WORK INSTRUCTION
Word for word, repeat the data that follows. Do not include the pictures.
Top of DATA
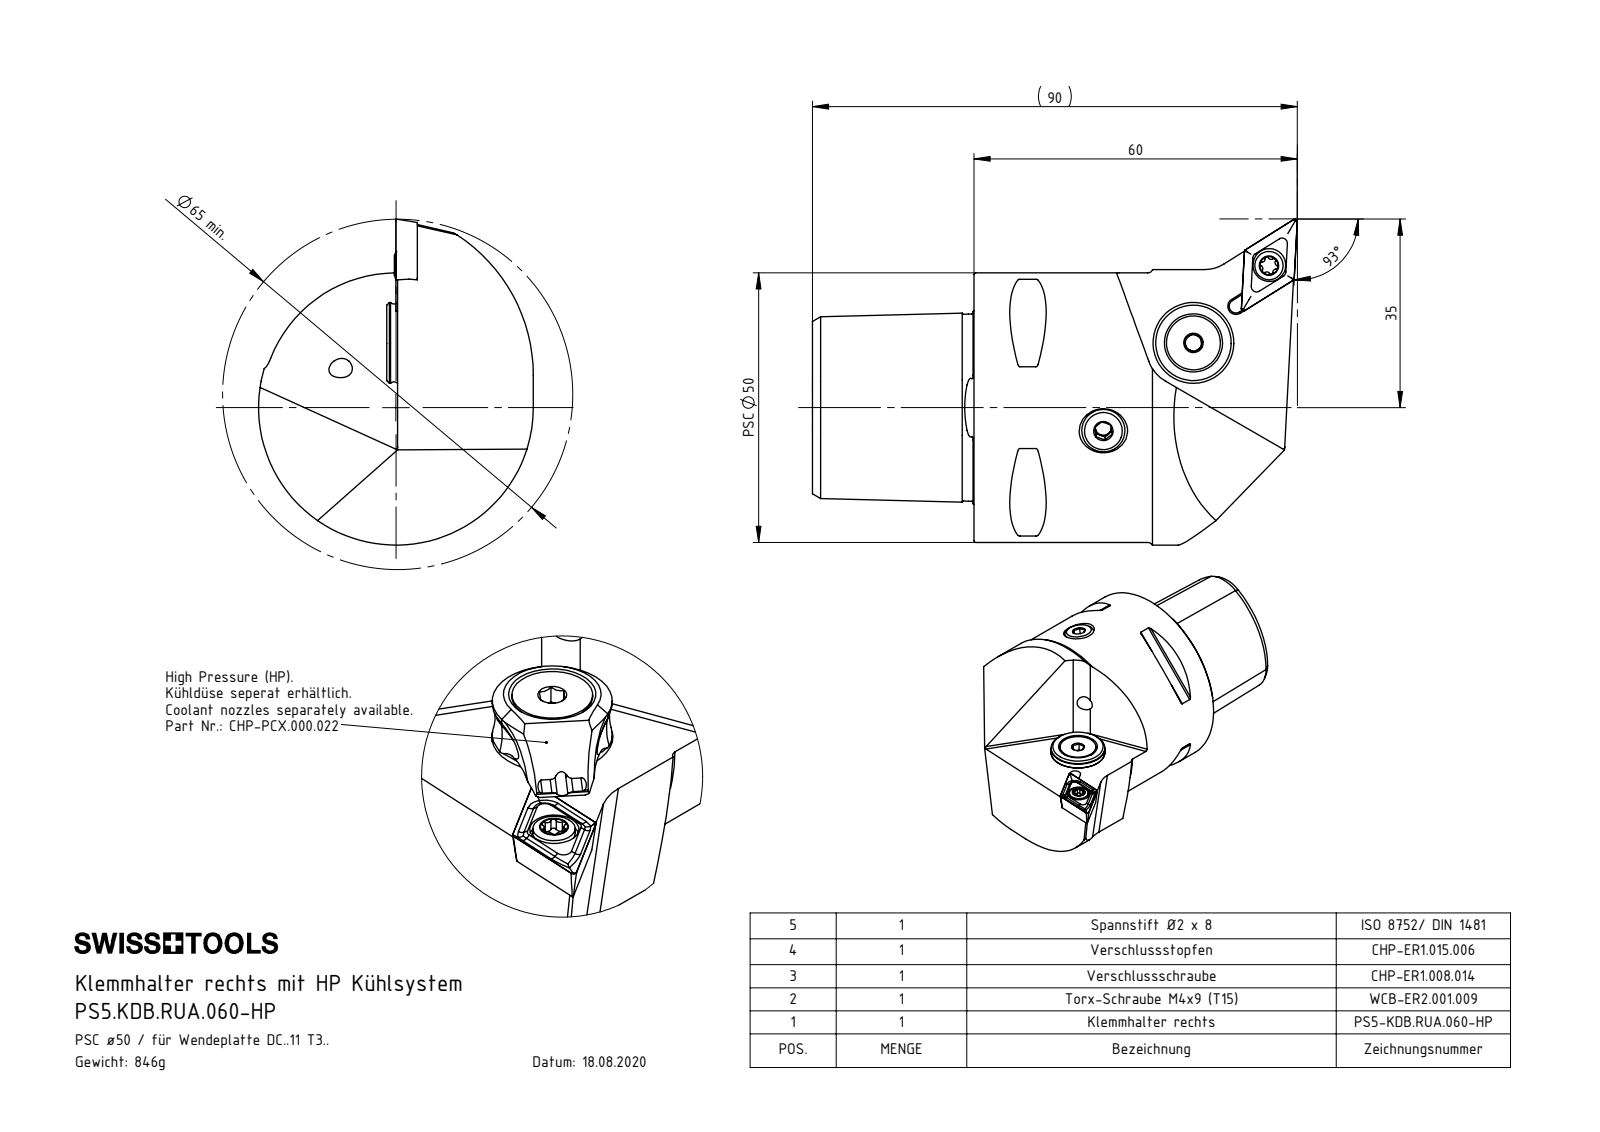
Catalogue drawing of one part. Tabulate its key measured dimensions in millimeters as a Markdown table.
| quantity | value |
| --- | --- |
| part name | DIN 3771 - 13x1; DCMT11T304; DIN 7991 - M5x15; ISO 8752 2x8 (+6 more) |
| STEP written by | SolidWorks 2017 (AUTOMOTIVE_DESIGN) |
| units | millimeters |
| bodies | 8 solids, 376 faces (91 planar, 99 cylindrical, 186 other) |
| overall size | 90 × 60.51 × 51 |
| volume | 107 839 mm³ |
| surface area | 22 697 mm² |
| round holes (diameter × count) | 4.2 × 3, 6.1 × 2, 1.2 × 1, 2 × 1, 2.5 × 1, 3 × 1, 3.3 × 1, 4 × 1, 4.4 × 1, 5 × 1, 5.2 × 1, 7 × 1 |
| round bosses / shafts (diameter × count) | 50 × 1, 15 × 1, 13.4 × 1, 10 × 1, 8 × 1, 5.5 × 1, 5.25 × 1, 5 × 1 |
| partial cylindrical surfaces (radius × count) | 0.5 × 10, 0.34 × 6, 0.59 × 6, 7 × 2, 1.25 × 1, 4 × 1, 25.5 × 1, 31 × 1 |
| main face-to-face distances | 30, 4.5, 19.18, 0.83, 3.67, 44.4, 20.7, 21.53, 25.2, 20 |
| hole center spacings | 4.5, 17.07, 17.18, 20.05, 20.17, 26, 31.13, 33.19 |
Bottom of DATA
OUTPUT FOR THIS EXERCISE
Catalogue drawing of one part. Tabulate its key measured dimensions in millimeters as a Markdown table.
| quantity | value |
| --- | --- |
| part name | DIN 3771 - 13x1; DCMT11T304; DIN 7991 - M5x15; ISO 8752 2x8 (+6 more) |
| STEP written by | SolidWorks 2017 (AUTOMOTIVE_DESIGN) |
| units | millimeters |
| bodies | 8 solids, 376 faces (91 planar, 99 cylindrical, 186 other) |
| overall size | 90 × 60.51 × 51 |
| volume | 107 839 mm³ |
| surface area | 22 697 mm² |
| round holes (diameter × count) | 4.2 × 3, 6.1 × 2, 1.2 × 1, 2 × 1, 2.5 × 1, 3 × 1, 3.3 × 1, 4 × 1, 4.4 × 1, 5 × 1, 5.2 × 1, 7 × 1 |
| round bosses / shafts (diameter × count) | 50 × 1, 15 × 1, 13.4 × 1, 10 × 1, 8 × 1, 5.5 × 1, 5.25 × 1, 5 × 1 |
| partial cylindrical surfaces (radius × count) | 0.5 × 10, 0.34 × 6, 0.59 × 6, 7 × 2, 1.25 × 1, 4 × 1, 25.5 × 1, 31 × 1 |
| main face-to-face distances | 30, 4.5, 19.18, 0.83, 3.67, 44.4, 20.7, 21.53, 25.2, 20 |
| hole center spacings | 4.5, 17.07, 17.18, 20.05, 20.17, 26, 31.13, 33.19 |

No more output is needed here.